Exercise directions | Whichever lines include the word "units", copy them as they appear in the data.

Data section |
<<<<

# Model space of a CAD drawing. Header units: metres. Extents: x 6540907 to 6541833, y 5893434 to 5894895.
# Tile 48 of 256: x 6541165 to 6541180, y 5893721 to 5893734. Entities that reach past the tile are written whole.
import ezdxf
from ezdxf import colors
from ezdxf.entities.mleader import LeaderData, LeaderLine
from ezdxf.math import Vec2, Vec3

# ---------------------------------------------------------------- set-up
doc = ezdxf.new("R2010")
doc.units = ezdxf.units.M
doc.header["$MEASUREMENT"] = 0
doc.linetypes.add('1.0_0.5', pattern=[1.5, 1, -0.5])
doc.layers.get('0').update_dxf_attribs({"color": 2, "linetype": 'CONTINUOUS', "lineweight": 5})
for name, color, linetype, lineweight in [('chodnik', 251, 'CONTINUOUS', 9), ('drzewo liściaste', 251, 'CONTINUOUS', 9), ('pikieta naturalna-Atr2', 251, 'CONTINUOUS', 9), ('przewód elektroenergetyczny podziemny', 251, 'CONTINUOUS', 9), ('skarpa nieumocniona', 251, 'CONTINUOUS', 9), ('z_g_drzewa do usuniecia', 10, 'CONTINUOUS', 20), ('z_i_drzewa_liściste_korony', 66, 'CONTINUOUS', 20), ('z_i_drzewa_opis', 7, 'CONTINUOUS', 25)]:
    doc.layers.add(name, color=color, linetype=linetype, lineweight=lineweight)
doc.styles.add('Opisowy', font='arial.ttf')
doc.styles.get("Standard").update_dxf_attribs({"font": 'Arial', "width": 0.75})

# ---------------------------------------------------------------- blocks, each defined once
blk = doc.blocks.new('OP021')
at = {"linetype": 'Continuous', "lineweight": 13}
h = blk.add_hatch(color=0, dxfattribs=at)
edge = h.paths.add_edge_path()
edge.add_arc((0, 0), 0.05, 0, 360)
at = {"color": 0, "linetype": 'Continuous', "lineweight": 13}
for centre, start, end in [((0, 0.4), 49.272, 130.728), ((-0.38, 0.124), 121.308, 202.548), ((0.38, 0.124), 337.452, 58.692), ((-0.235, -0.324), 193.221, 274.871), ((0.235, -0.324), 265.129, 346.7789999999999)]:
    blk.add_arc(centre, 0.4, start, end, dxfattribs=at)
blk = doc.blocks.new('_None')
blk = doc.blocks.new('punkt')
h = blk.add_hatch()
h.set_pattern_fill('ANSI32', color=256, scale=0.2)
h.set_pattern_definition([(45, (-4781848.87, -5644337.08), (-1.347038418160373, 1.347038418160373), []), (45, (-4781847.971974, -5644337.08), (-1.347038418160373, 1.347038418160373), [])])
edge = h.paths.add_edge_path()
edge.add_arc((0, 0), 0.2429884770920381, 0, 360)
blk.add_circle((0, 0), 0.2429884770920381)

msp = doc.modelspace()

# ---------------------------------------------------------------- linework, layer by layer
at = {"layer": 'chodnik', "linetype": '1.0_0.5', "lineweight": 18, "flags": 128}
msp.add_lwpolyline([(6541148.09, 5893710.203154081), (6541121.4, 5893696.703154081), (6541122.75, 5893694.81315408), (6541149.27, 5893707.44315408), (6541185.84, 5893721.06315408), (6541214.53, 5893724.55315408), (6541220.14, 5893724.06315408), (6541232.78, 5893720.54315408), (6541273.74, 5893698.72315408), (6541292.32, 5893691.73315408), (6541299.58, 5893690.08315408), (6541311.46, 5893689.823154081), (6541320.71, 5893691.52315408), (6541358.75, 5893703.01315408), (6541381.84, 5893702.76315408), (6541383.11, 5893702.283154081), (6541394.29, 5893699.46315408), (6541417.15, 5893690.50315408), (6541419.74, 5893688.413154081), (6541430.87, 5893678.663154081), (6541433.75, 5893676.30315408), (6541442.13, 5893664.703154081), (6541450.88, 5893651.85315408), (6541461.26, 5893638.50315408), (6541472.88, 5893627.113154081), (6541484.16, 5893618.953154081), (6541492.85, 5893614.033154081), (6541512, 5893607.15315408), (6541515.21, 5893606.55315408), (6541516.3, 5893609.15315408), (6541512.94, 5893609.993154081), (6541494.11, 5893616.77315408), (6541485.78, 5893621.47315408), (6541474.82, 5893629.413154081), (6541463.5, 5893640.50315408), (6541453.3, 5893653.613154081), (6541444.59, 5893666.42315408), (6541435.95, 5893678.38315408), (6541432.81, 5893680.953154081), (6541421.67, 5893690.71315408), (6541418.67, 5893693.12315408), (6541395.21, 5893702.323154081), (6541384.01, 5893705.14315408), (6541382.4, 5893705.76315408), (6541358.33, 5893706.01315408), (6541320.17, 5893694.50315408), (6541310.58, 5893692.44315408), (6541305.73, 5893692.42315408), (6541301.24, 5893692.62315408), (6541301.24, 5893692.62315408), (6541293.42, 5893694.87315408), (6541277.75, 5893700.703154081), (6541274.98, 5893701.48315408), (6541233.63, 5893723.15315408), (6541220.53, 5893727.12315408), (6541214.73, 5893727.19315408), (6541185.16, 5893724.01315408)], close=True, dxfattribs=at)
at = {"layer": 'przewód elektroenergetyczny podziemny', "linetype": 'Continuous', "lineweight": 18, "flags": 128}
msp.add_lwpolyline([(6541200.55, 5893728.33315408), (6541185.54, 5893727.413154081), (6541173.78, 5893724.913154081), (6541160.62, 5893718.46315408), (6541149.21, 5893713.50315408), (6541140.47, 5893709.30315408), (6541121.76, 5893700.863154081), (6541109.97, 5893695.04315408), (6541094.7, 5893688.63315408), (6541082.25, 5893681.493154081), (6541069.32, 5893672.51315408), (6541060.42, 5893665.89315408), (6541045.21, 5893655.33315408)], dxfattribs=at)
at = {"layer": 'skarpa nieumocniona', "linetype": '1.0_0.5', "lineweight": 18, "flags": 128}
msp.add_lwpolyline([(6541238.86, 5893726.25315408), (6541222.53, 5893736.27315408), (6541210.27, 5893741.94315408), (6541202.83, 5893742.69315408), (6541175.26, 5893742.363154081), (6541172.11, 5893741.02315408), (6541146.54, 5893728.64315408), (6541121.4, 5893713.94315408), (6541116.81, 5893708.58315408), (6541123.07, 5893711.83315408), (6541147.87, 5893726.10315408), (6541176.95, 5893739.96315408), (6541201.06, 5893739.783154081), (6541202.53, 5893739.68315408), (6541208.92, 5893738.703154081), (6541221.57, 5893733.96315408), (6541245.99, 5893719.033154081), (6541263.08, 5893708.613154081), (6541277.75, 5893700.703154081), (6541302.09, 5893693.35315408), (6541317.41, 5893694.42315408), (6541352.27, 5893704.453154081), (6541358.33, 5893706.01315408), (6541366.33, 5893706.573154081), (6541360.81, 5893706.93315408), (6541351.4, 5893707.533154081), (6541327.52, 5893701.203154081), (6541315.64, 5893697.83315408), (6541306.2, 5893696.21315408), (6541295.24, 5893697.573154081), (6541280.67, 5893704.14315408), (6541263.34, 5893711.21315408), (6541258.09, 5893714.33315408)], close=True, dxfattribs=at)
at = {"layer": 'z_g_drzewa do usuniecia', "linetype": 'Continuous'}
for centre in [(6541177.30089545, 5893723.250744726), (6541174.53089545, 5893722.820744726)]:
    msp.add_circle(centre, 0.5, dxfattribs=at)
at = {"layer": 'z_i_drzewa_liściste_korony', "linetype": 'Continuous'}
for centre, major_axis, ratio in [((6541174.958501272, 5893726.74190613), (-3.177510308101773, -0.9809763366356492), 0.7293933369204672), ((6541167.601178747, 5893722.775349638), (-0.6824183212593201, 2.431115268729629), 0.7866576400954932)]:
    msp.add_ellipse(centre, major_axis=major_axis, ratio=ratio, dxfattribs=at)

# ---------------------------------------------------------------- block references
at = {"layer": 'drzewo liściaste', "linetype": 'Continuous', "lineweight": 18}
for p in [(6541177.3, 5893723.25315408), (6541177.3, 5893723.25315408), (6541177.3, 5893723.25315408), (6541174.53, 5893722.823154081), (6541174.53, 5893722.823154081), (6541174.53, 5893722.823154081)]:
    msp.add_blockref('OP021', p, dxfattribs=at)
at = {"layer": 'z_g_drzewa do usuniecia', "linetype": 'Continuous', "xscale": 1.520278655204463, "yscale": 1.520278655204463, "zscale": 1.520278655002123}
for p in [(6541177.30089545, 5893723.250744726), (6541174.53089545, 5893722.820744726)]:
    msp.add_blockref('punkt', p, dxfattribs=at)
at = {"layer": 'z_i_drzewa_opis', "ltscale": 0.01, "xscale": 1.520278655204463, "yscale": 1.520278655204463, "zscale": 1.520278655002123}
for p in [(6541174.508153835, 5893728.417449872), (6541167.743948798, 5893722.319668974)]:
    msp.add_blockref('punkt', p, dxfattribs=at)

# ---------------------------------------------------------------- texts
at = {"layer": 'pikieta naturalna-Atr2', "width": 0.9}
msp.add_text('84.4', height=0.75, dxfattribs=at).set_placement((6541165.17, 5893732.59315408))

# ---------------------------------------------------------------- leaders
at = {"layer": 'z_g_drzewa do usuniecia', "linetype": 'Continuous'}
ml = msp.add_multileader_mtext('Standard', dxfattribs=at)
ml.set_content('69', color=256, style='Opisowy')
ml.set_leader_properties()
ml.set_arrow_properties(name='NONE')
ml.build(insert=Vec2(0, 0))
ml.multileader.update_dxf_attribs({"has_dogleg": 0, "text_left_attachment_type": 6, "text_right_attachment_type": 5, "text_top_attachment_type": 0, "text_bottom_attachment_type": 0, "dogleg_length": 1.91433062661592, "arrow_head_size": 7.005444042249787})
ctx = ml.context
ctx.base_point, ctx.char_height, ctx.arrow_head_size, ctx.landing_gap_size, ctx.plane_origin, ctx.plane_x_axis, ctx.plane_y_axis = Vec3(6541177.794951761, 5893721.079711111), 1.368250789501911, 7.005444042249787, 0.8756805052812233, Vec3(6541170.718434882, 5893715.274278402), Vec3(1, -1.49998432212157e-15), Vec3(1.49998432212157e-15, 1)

>>>>

Written response |
# Model space of a CAD drawing. Header units: metres. Extents: x 6540907 to 6541833, y 5893434 to 5894895.
doc.units = ezdxf.units.M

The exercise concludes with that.